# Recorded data
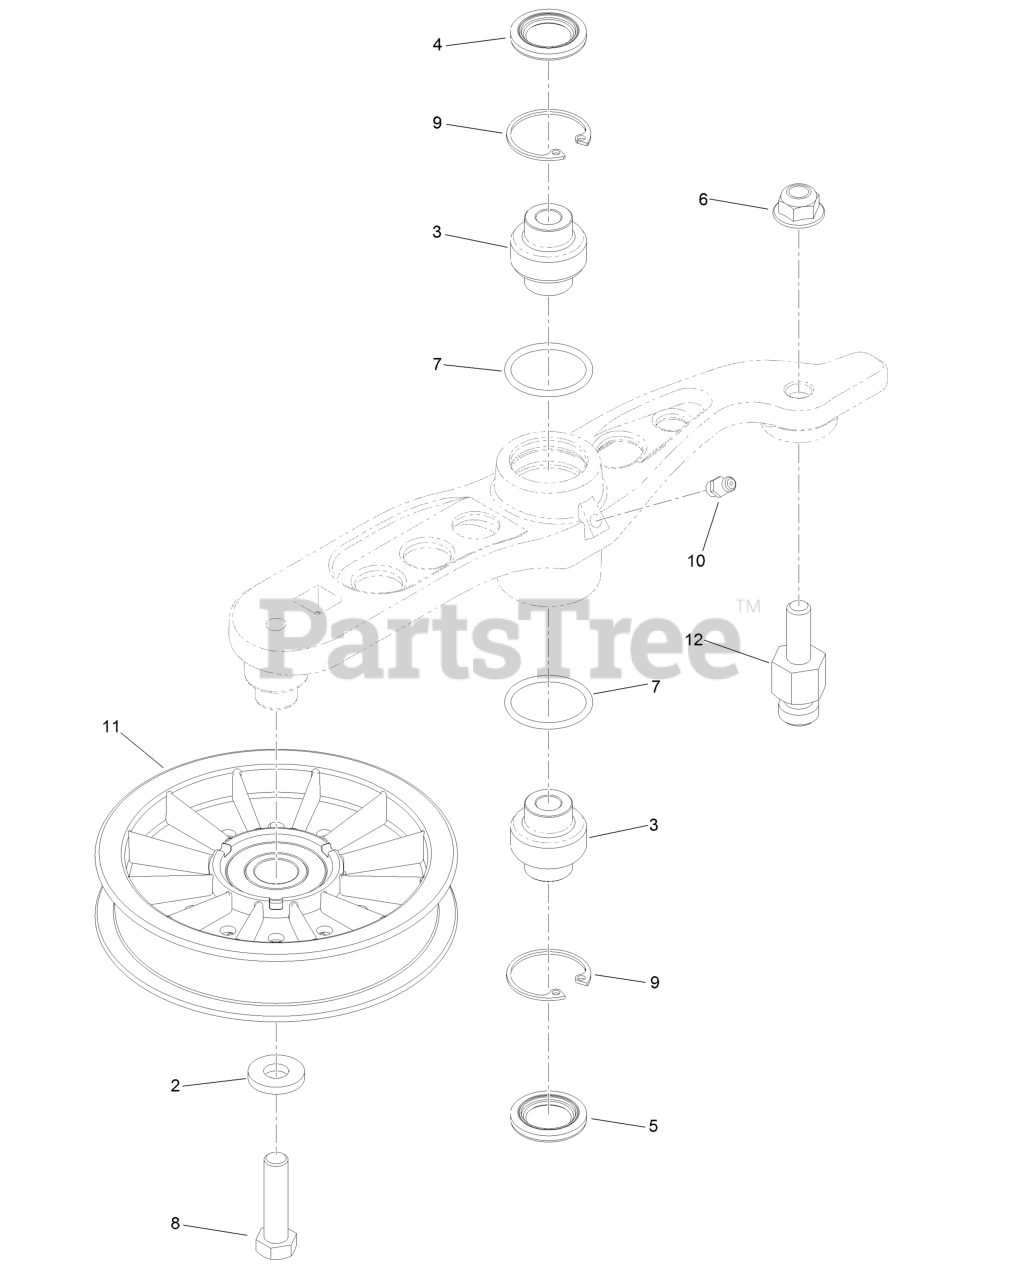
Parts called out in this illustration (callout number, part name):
3	Bearing-Spherical
4	Seal-Lip, Double
5	Seal-Lip, Single
6	Nut-Flange, NI
8	Screw-HH
9	Ring-Snap
10	Fitting-Grease
11	Pulley-Idler
12	Pin-Anchor, Spring
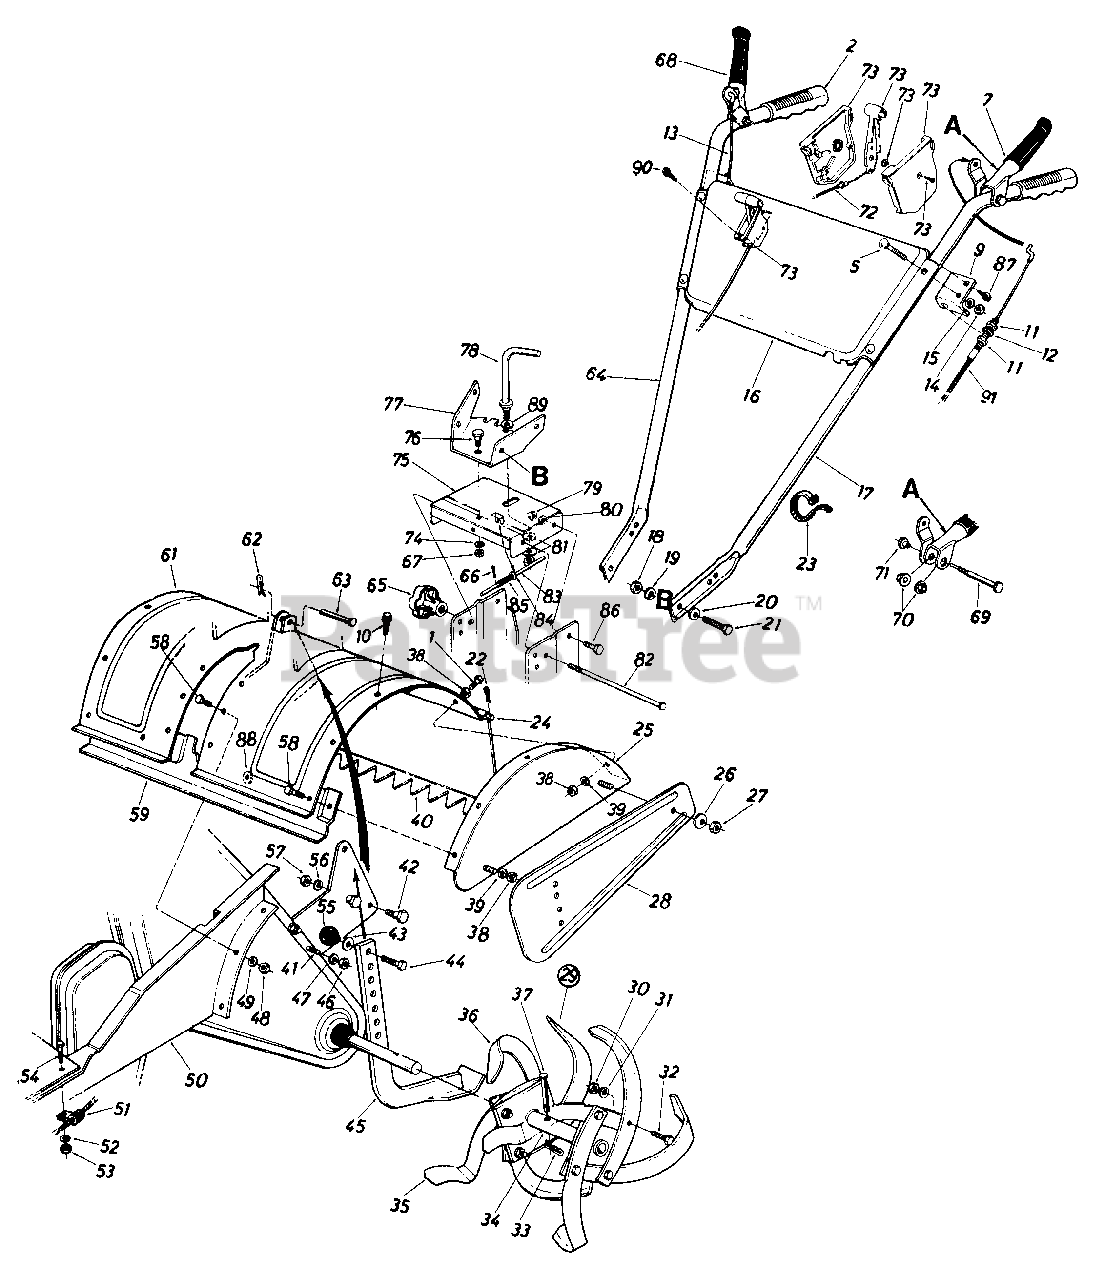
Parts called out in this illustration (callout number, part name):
1	Hex Bolt 5/16-18 x 11/4" Lg.
2	Grip
5	Carr. Bolt 5/16-18 x 1.75"
7	Clutch Grip Ass'y. L.H.
9	Clutch Cable Bracket
10	Hex Wash. S-Tap Scr. 5/16-18 x .62" Lg.
11	Hex Nut 5/16-24 Thd.
12	L-Wash. 5/16" I.D.*
13	Wheel Drive Cable
14	Hex Nut 5/16-18 Thd.
15	L-Wash. 5/16" I.D.
16	Handle Panel
17	Handle L.H.
18	Hex Nut 3/8-16 Thd.
19	L-Wash. 3/8" I.D.
20	Bell-Wash. 3/8" I.D.
21	Hex Bolt 3/8-16 x 1.00" Lg.*
22	Cotter Pin 3/32" Dia. x 3/4"
23	Cable Tie
24	Tiller Flap Rod
27	Hex Nut 5/16-18 Thd.
31	L-Wash. 3/8" I.D.
32	Hex Bolt 3/8-24 x 1.25" Lg.
33	Hairpin Cotter
38	Hex Nut 5/16-18 Thd.
39	L-Wash. 5/16" I.D.
41	Hex Bolt 5/16-18 x 1.0" Lg.
42	Shld. Bolt 1/2" Dia. x .426"
43	Fl-Wash. 3/8" I.D. x 5/8" O.D.
44	Hex Bolt 3/8-16 x 3/4" Lg.
46	Hex Nut 5/16-18 Thd.
47	L-Wash. 5/16" I.D.
48	Hex Nut 5/16-18 Thd.
49	L-Wash. 5/16" I.D.
52	L-Wash. 5/16" I.D.
53	Hex Nut 5/16-18 Thd.
54	Hex Bolt 5/16-18 x 314" Lg.
55	Ball Knob 1-1/4" Dia.
56	L-Wash. 3/8" I.D.
57	Hex Nut 3/8-16 Thd.
58	Hex Bolt 5/16-18 x .75" Lg.
63	Clevis Pin 3/8" Dia.
64	Handle R.H.
65	Hand Knob
66	Cotter Pin 1/16" Dia. x .75" Lg.
67	Hex Cent. L-Nut 3/8-16 Thd.
68	Clutch Grip Ass'y. R.H.
69	Shoulder Bolt .38" Dia. x 1.53" Lg.
70	Hex Flange Plastic Bearing
71	Shoulder Nut 1/4-20 Thd.
72	Throttle Control Wire
73	Throttle Control Box Ass'y.
74	Bell-Wash. .40" I.D.
79	Hex Cent. L-Nut 3/8-16 Thd.
80	Bell-Wash. .40" I.D. x .88" O.D.
81	Bell-Wash. 1/2" I.D. x 1.00" O.D.
82	Lock Pin 5/16" Dia. x 8"
83	Lower Sliding Ass'y.
84	Fl-Wash. .291" I.D. x .62" O.D.
85	Compression Spring .36" O.D. x 1.00" Lg.
86	Shoulder Bolt 1/2" Dia. x .170" Lg.
87	Hex Wash. S-Tap Scr. 1/4-20 x .50" Lg.
88	Bell-Wash. 5/16" I.D.
89	Fl-Wash. 5/8" I.D.
90	Self-Tap Scr. #10 x 1/2" Lg.
91	Tine Control Cable
14979-0498	Rear Tine Shield - OLD CUB YELLOW (0498)
14979-0638	SHIELD-REAR TINE - MTD/TROY-BILT RED (0638)
14979-0665	SHIELD-REAR TINE - YARDMAN GREEN (0665)

# TRY IT
Those lines of the records that contain the string "Control" should be identified and copied.

# REPLY
72	Throttle Control Wire
73	Throttle Control Box Ass'y.
91	Tine Control Cable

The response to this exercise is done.